Step 1: Install Requirements
pip install transformers accelerate peft bitsandbytes datasets
Step 2: Prepare Dataset
Example format (JSON):
[ { "instruction": "Explain quantum computing", "input": "", "output": "Quantum computing uses qubits..." }, { "instruction": "Write a poem about AI", "input": "", "output": "In silicon minds, dreams take flight..." } ]
Step 3: Fine-Tuning Script
from transformers import AutoModelForCausalLM, AutoTokenizer, TrainingArguments from peft import LoraConfig, get_peft_model from trl import SFTTrainer model_name = "mistralai/Mistral-7B-v0.1" tokenizer = AutoTokenizer.from_pretrained(model_name) model = AutoModelForCausalLM.from_pretrained(model_name, load_in_4bit=True) # LoRA configuration peft_config = LoraConfig( r=8, lora_alpha=16, target_modules=["q_proj", "k_proj", "v_proj"], lora_dropout=0.05, bias="none", task_type="CAUSAL_LM" ) training_args = TrainingArguments( output_dir="./results", per_device_train_batch_size=4, gradient_accumulation_steps=4, learning_rate=2e-4, num_train_epochs=1, fp16=True ) trainer = SFTTrainer( model=model, train_dataset=dataset, peft_config=peft_config, args=training_args, tokenizer=tokenizer ) trainer.train()
5. Performance Benchmarks
Model (7B) | Speed (Tokens/sec) | GPU VRAM Used |
---|---|---|
Mistral (FP16) | 25-40 (A100) | 14GB |
LLaMA 3 (4-bit) | 15-25 (RTX 3060) | 6GB |
Phi-3 (GGUF) | 10-20 (CPU) | 8GB RAM |
6. Where to Download Models
- HuggingFace Model Hub (Mistral, LLaMA 3, Gemma)

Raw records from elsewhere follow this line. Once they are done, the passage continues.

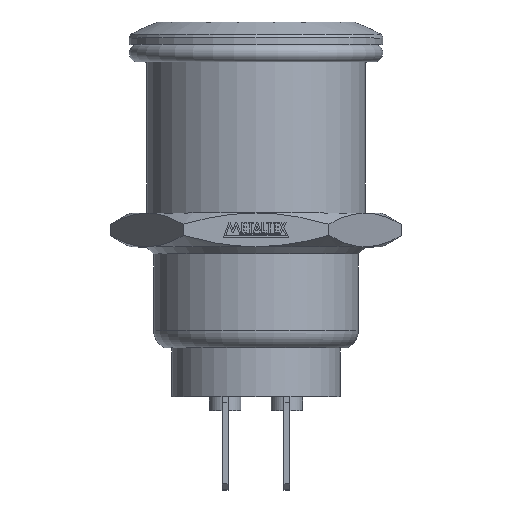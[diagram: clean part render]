
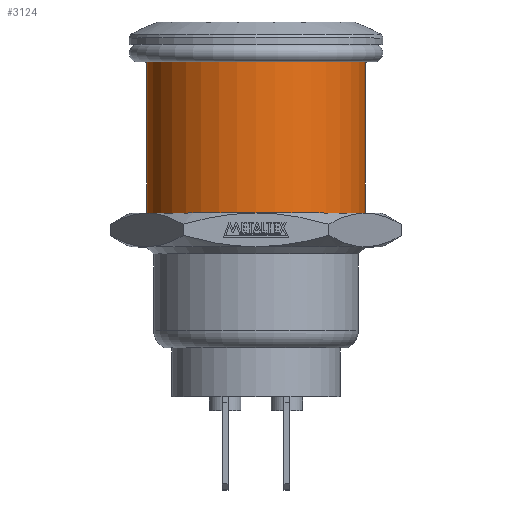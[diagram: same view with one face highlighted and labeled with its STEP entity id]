
A CAD part, top view. The second image highlights one B-rep face of the part: STEP entity #3124.
In plain terms, the highlighted cylindrical face has radius 9.4 mm (diameter 18.8 mm), a partial arc.
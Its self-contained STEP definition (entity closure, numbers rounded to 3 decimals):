
#604 = VERTEX_POINT ( 'NONE', #5096 ) ;
#618 = VERTEX_POINT ( 'NONE', #5110 ) ;
#620 = VERTEX_POINT ( 'NONE', #5112 ) ;
#622 = VERTEX_POINT ( 'NONE', #5114 ) ;
#2007 = ORIENTED_EDGE ( 'NONE', *, *, #7906, .F. ) ;
#2008 = ORIENTED_EDGE ( 'NONE', *, *, #7899, .T. ) ;
#2017 = ORIENTED_EDGE ( 'NONE', *, *, #7898, .T. ) ;
#2018 = ORIENTED_EDGE ( 'NONE', *, *, #7907, .F. ) ;
#2509 = EDGE_LOOP ( 'NONE', ( #2017, #2008, #2018, #2007 ) ) ;
#3124 = ADVANCED_FACE ( 'NONE', ( #6302 ), #6297, .T. ) ;
#4236 = VECTOR ( 'NONE', #7096, 1000. ) ;
#4240 = AXIS2_PLACEMENT_3D ( 'NONE', #7093, #7097, #7098 ) ;
#4253 = VECTOR ( 'NONE', #7070, 1000. ) ;
#4266 = AXIS2_PLACEMENT_3D ( 'NONE', #7064, #7065, #7066 ) ;
#5096 = CARTESIAN_POINT ( 'NONE',  ( -9.4, 11.582, 0. ) ) ;
#5110 = CARTESIAN_POINT ( 'NONE',  ( 9.4, 25.332, 0. ) ) ;
#5112 = CARTESIAN_POINT ( 'NONE',  ( 9.4, 11.582, 0. ) ) ;
#5114 = CARTESIAN_POINT ( 'NONE',  ( -9.4, 25.332, 0. ) ) ;
#5145 = CARTESIAN_POINT ( 'NONE',  ( 0., 0., 0. ) ) ;
#5146 = DIRECTION ( 'NONE',  ( 0., 1., 0. ) ) ;
#5147 = DIRECTION ( 'NONE',  ( -1., 0., 0. ) ) ;
#6297 = CYLINDRICAL_SURFACE ( 'NONE', #6304, 9.4 ) ;
#6302 = FACE_OUTER_BOUND ( 'NONE', #2509, .T. ) ;
#6304 = AXIS2_PLACEMENT_3D ( 'NONE', #5145, #5146, #5147 ) ;
#6482 = CIRCLE ( 'NONE', #4266, 9.4 ) ;
#6490 = CIRCLE ( 'NONE', #4240, 9.4 ) ;
#7064 = CARTESIAN_POINT ( 'NONE',  ( 0., 11.582, 0. ) ) ;
#7065 = DIRECTION ( 'NONE',  ( 0., 1., 0. ) ) ;
#7066 = DIRECTION ( 'NONE',  ( -1., 0., 0. ) ) ;
#7068 = LINE ( 'NONE', #7069, #4253 ) ;
#7069 = CARTESIAN_POINT ( 'NONE',  ( 9.4, 0., 0. ) ) ;
#7070 = DIRECTION ( 'NONE',  ( 0., 1., 0. ) ) ;
#7093 = CARTESIAN_POINT ( 'NONE',  ( 0., 25.332, 0. ) ) ;
#7094 = LINE ( 'NONE', #7095, #4236 ) ;
#7095 = CARTESIAN_POINT ( 'NONE',  ( -9.4, 0., 0. ) ) ;
#7096 = DIRECTION ( 'NONE',  ( 0., 1., 0. ) ) ;
#7097 = DIRECTION ( 'NONE',  ( 0., 1., 0. ) ) ;
#7098 = DIRECTION ( 'NONE',  ( -1., 0., 0. ) ) ;
#7898 = EDGE_CURVE ( 'NONE', #604, #620, #6482, .T. ) ;
#7899 = EDGE_CURVE ( 'NONE', #620, #618, #7068, .T. ) ;
#7906 = EDGE_CURVE ( 'NONE', #604, #622, #7094, .T. ) ;
#7907 = EDGE_CURVE ( 'NONE', #622, #618, #6490, .T. ) ;

- TheBloke’s Quantized Models (GGUF, GPTQ)
- Ollama Library (Pre-packaged models)
Conclusion
Running LLMs locally is now affordable and practical, thanks to tools like Ollama, LM Studio, and HuggingFace. By using quantization and LoRA, even mid-range PCs can handle 7B-13B models efficiently.
Next Steps:
- Try Ollama for the easiest setup.
- Experiment with QLoRA for fine-tuning.
- Join communities (r/LocalLLaMA, HuggingFace Discord).